Remix.run Logo
benny_s 3 hours ago

At least for the financial institutions on this list, I can say they have no other choice. Regulation forces them to log everything to avoid insider trading, etc. Any communication outside of their internal systems can't be logged and is therefore a compliance risk.

blitzar 2 hours ago | parent | next [-]

Been a sackable offence for over a decade in finance, I can not fathom why other sectors have been so slow to enforce some basic standards.

Recording every call, message (and in my office - thing you said at your desk) is mostly used for conflict resolution - when counterparties disagree you go to the tapes and see what was said. From there my word is my bond, it is done.

sigmoid10 3 hours ago | parent | prev [-]

GDPR guarantees a right to privacy even on work devices. I think you need to filter out personal messages if compliance requires logging.

raesene9 2 hours ago | parent | next [-]

It provides a right to privacy if the company allows personal messaging services on the device, but I don't think it provides a right to having personal messaging apps on the device(s).

Personally I think it's much cleaner to keep work stuff on your work device(s) and personal stuff on personal devices. The only place that gets sticky is where companies don't provide the device but want you to have work information on it (e.g. mobile phones)

wolvoleo 19 minutes ago | parent [-]

It is a right in EU to have some level of personal activity on work-supplied devices. This does not come from the GDPR but some other legislation. We had a call with HR about that only recently when some leader again suggested "just block xyz on work devices".

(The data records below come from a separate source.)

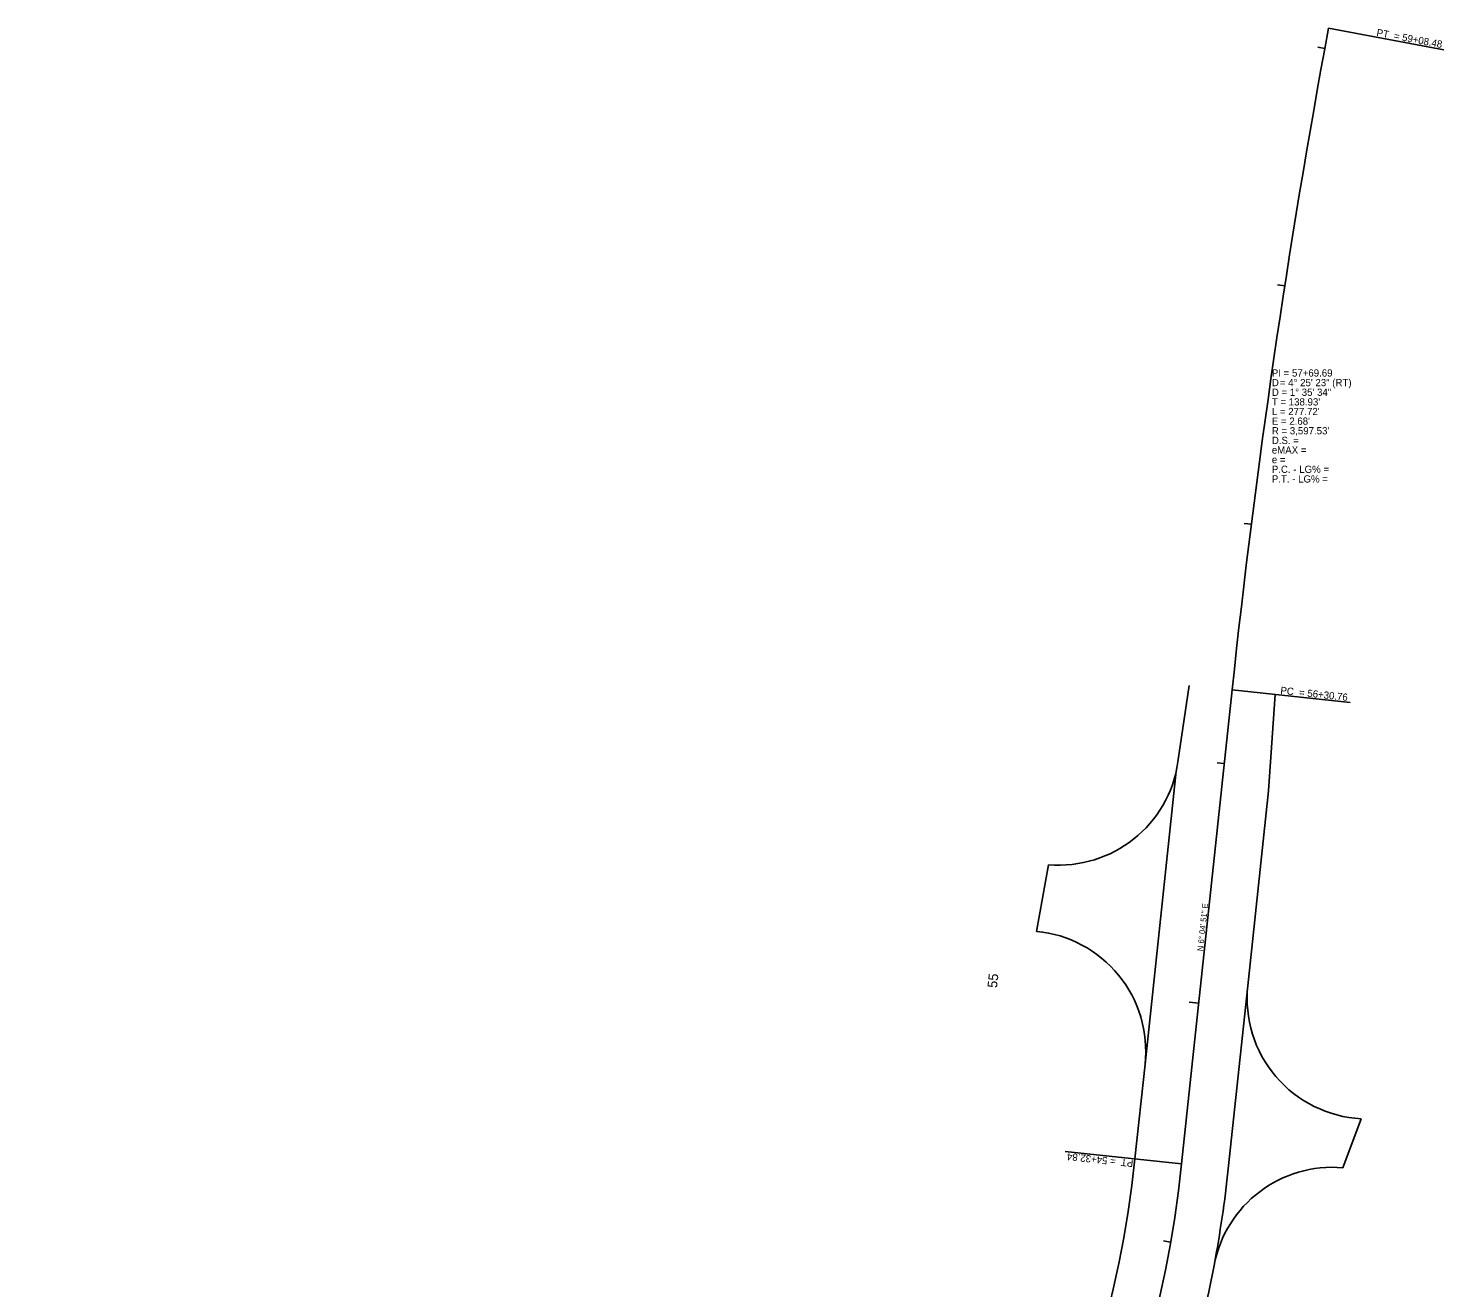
# Model space of a CAD drawing. Extents: x 2004390 to 2007638, y 1136392 to 1138193.
# Drawn here: x 2007050 to 2007638, y 1137670 to 1138193 of the extents above; entities that cross this region are included whole.
import ezdxf

# ---------------------------------------------------------------- set-up
doc = ezdxf.new("R2010")
doc.units = 0
for name, color, linetype in [('RD_HC_Cl', 7, 'Continuous'), ('RD_HC_Data', 7, 'Continuous'), ('RD_HC_Data_Tic', 7, 'Continuous'), ('RD_HC_TX_Sta20', 7, 'Continuous'), ('RD_PD_Final_TrvlWay', 7, 'Continuous')]:
    doc.layers.add(name, color=color, linetype=linetype)

msp = doc.modelspace()

# ---------------------------------------------------------------- linework, layer by layer
at = {"layer": 'RD_HC_Cl'}
msp.add_line((2007529.52, 1137721.07), (2007550.49, 1137917.88), dxfattribs=at)
for centre, radius, start, end in [((2011127.78, 1137536.78), 3597.53, 169.496, 173.91904), ((2007047.25, 1137772.45), 485, 272.45467, 353.91904)]:
    msp.add_arc(centre, radius, start, end, dxfattribs=at)
at = {"layer": 'RD_HC_Data'}
for p, q in [((2007590.53, 1138192.62), (2007638.38, 1138183.75)), ((2007550.49, 1137917.88), (2007599.49, 1137912.66)), ((2007529.52, 1137721.07), (2007481.16, 1137726.23))]:
    msp.add_line(p, q, dxfattribs=at)
at = {"layer": 'RD_HC_Data_Tic'}
for p, q in [((2007589, 1138184.29), (2007586.05, 1138184.83)), ((2007572.37, 1138085.68), (2007569.4, 1138086.14)), ((2007558.49, 1137986.65), (2007555.51, 1137987.03)), ((2007547.23, 1137887.29), (2007544.25, 1137887.61)), ((2007536.64, 1137787.85), (2007532.66, 1137788.28)), ((2007524.94, 1137688.56), (2007521.99, 1137689.08))]:
    msp.add_line(p, q, dxfattribs=at)
at = {"layer": 'RD_PD_Final_TrvlWay'}
for p, q in [((2007527.99, 1137887.97), (2007532.59, 1137919.78)), ((2007565.64, 1137876.04), (2007568.39, 1137915.97)), ((2007527.29, 1137884.16), (2007514.33, 1137762.52)), ((2007557.01, 1137795.04), (2007565.64, 1137876.04)), ((2007469.29, 1137817.6), (2007474.27, 1137845.3)), ((2007557.01, 1137795.04), (2007548.91, 1137719.01)), ((2007514.33, 1137762.52), (2007510.13, 1137723.14)), ((2007596.5, 1137719.46), (2007604.1, 1137739.81))]:
    msp.add_line(p, q, dxfattribs=at)
for centre, radius, start, end in [((2007478.51, 1137895.13), 50, 265.1461, 351.77145), ((2007464.61, 1137767.82), 50, 353.91904, 84.6269), ((2007606.73, 1137789.74), 50, 173.91904, 266.97721), ((2007047.25, 1137772.45), 465.5, 270.39285, 353.91904), ((2007592.14, 1137669.65), 50, 84.9978, 169.31642), ((2007047.25, 1137772.45), 504.5, 349.31642, 353.91904), ((2007047.25, 1137772.45), 504.5, 270.8238, 349.31642)]:
    msp.add_arc(centre, radius, start, end, dxfattribs=at)

# ---------------------------------------------------------------- texts
at = {"layer": 'RD_HC_Data'}
for s, height, rotation, p in [('PT  = 59+08.48', 3, 349.496, (2007610.29, 1138189.47)), ('PC  = 56+30.76', 3, 353.91904, (2007570.43, 1137916.26)), ('N 6%%d 04\' 51" E', 2.4, 83.91904, (2007538.42, 1137809.28)), ('PT  = 54+32.84', 3, 173.91904, (2007509.58, 1137722.69))]:
    msp.add_text(s, height=height, rotation=rotation, dxfattribs=at).set_placement(p)
for s, p in [('PI = 57+69.69', (2007567, 1138048)), ('D', (2007567, 1138044)), ('   = 4%%d 25\' 23" (RT)', (2007567, 1138044)), ('D = 1%%d 35\' 34"', (2007567, 1138040)), ("T = 138.93'", (2007567, 1138036)), ("L = 277.72'", (2007567, 1138032)), ("E = 2.68'", (2007567, 1138028)), ("R = 3,597.53'", (2007567, 1138024)), ('D.S. = ', (2007567, 1138020)), ('eMAX = ', (2007567, 1138016)), ('e = ', (2007567, 1138012)), ('P.C. - LG% = ', (2007567, 1138008)), ('P.T. - LG% = ', (2007567, 1138004))]:
    msp.add_text(s, height=3, dxfattribs=at).set_placement(p)
at = {"layer": 'RD_HC_TX_Sta20'}
msp.add_text('55', height=4, rotation=83.91904, dxfattribs=at).set_placement((2007452.81, 1137793.97))

doc.saveas('drawing.dxf')

And if you don't want to use BYOD we are required to supply a phone if we require employees to use one (which we do, for MFA).

JoeBOFH 2 hours ago | parent | prev | next [-]

As much as I prefer the European way of some items. I think the American way of treating the work computer as a company asset and just locking it down to an insane degree makes way more sense. Especially for areas like finance.

nekusar 2 hours ago | parent [-]

Exactly this.

I've been in a lawsuit with Oracle (as engineer, not direct). And their discovery hit EVERYTHING.

If I used work devices for personal messages, my personal messages would absolutely been in scope.

Or if I used personal devices for work, my personal devices are now in scope. Hell NO!

My work laptop is on my personal network. Its also on its own vlan and can only talk to the imternet, and not fellow devices. And I can attest to that as much if I'm ever called in for a discovery hearing.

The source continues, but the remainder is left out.